GoRail is a rail freight operator in Estonia, and also offers related training services. Until commencing offering freight services in 2019 it was a passenger service operator, and until 2020 it operated the only direct international passenger rail services from Estonia (however it is possible to travel to Riga in Latvia by changing from Elron services to Valga onto Pasažieru vilciens services).

== History ==

The company previously operated under the name EVR Ekspress as a division of the state railway, Eesti Raudtee. It was partially privatised on 1 April 1999, with a 51% majority share going to the Fraser Group and 49% retained by Eesti Raudtee. The company was renamed GoRail in 2006 when it was sold to the Go Group, which operates various other travel services in Estonia, including Tallinn's main Baltic Station.

== Tallinn - St Petersburg and Moscow rail services ==

GoRail previously ran a number of variants of services from the Baltic station in Tallinn to St Petersburg and / or Moscow, in partnership with Russian Railways, which were cancelled and re-introduced a number of times.

GoRail ran a daily daytime service from Tallinn Baltic station to St Petersburg, leaving Tallinn early in the morning and arriving in St Petersburg mid-afternoon, with a return service leaving in the early evening and arriving in Tallinn in the late evening.

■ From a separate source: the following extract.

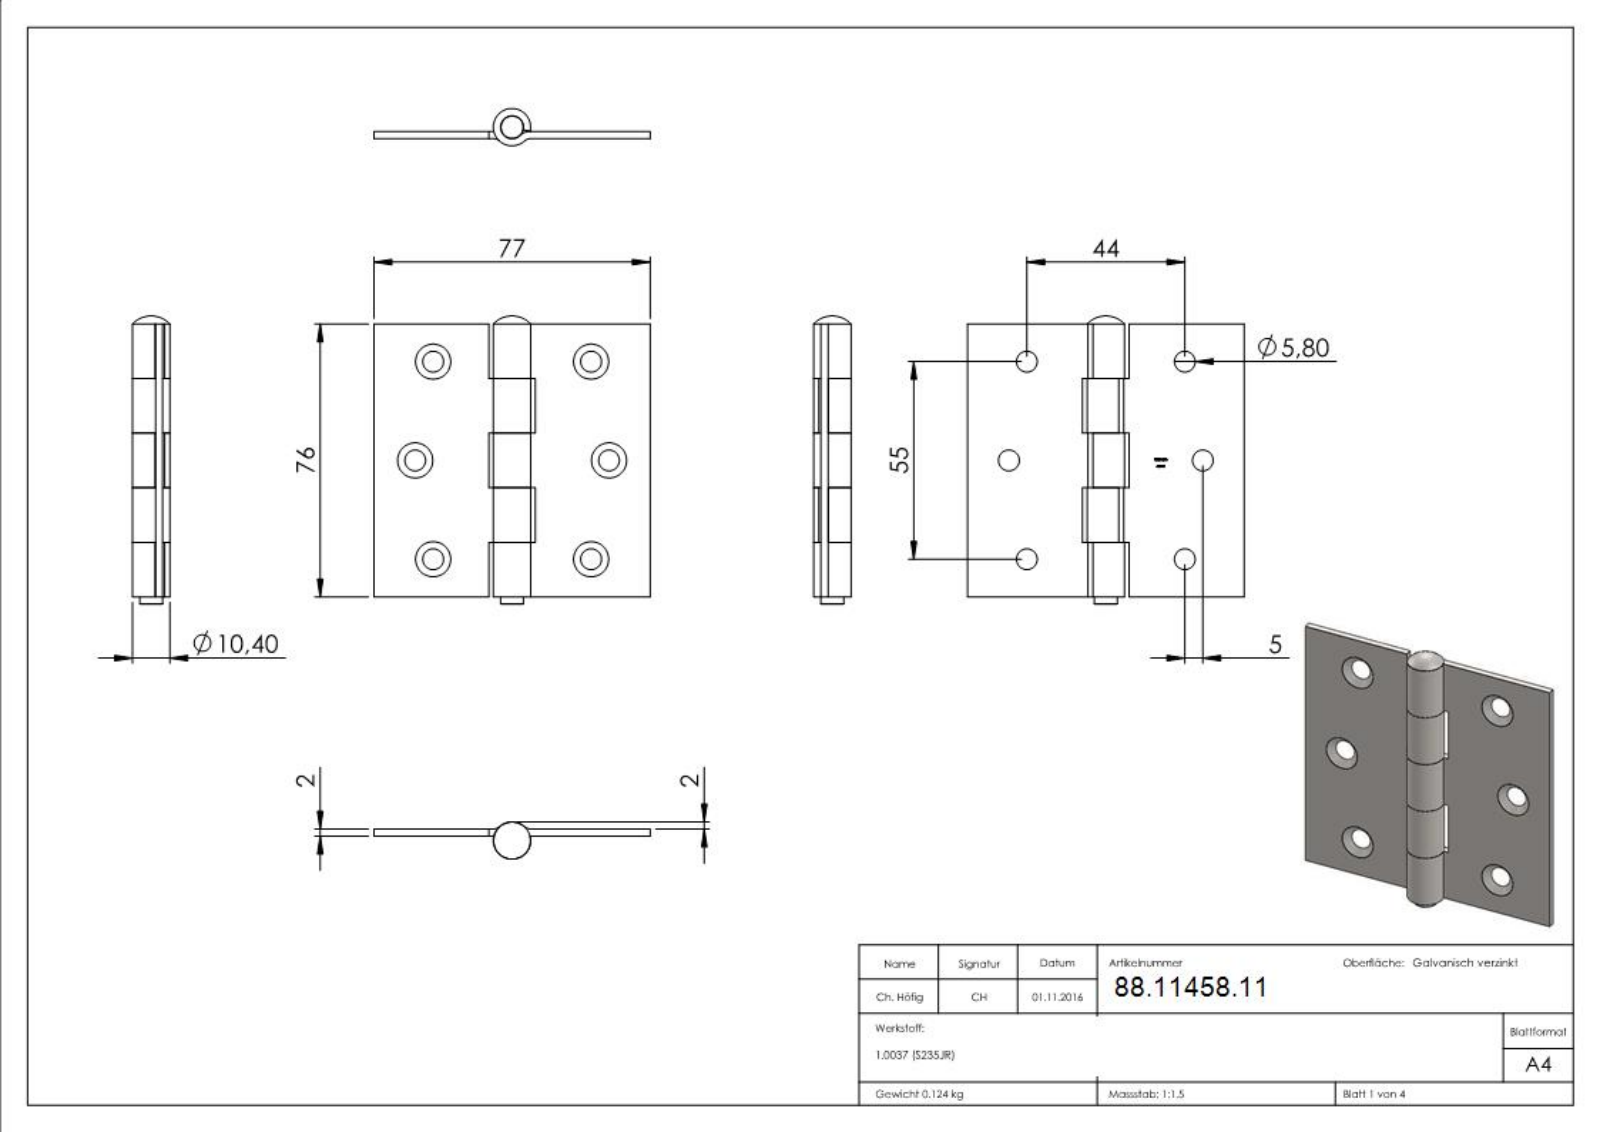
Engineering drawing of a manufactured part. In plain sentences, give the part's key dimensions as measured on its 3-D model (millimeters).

After a break from 2004, services commenced during 2007. However, during this time, on 8 May 2007, Russian Railways announced that the route would be cancelled with effect from 29 May ostensibly due to low passenger numbers, but shortly after the Bronze Night protests in Tallinn. GO Rail CEO Alar Pinsel described the Russian reasoning as "difficult to believe". The cancellation was retracted a day later, and the train service was never actually interrupted. GoRail announced the cancellation of the service in July 2008, citing high infrastructure and fuel costs as reasons.

Services then ran again, continuing to Moscow, from 2012 until they ended in 2020 at the beginning of the coronavirus pandemic.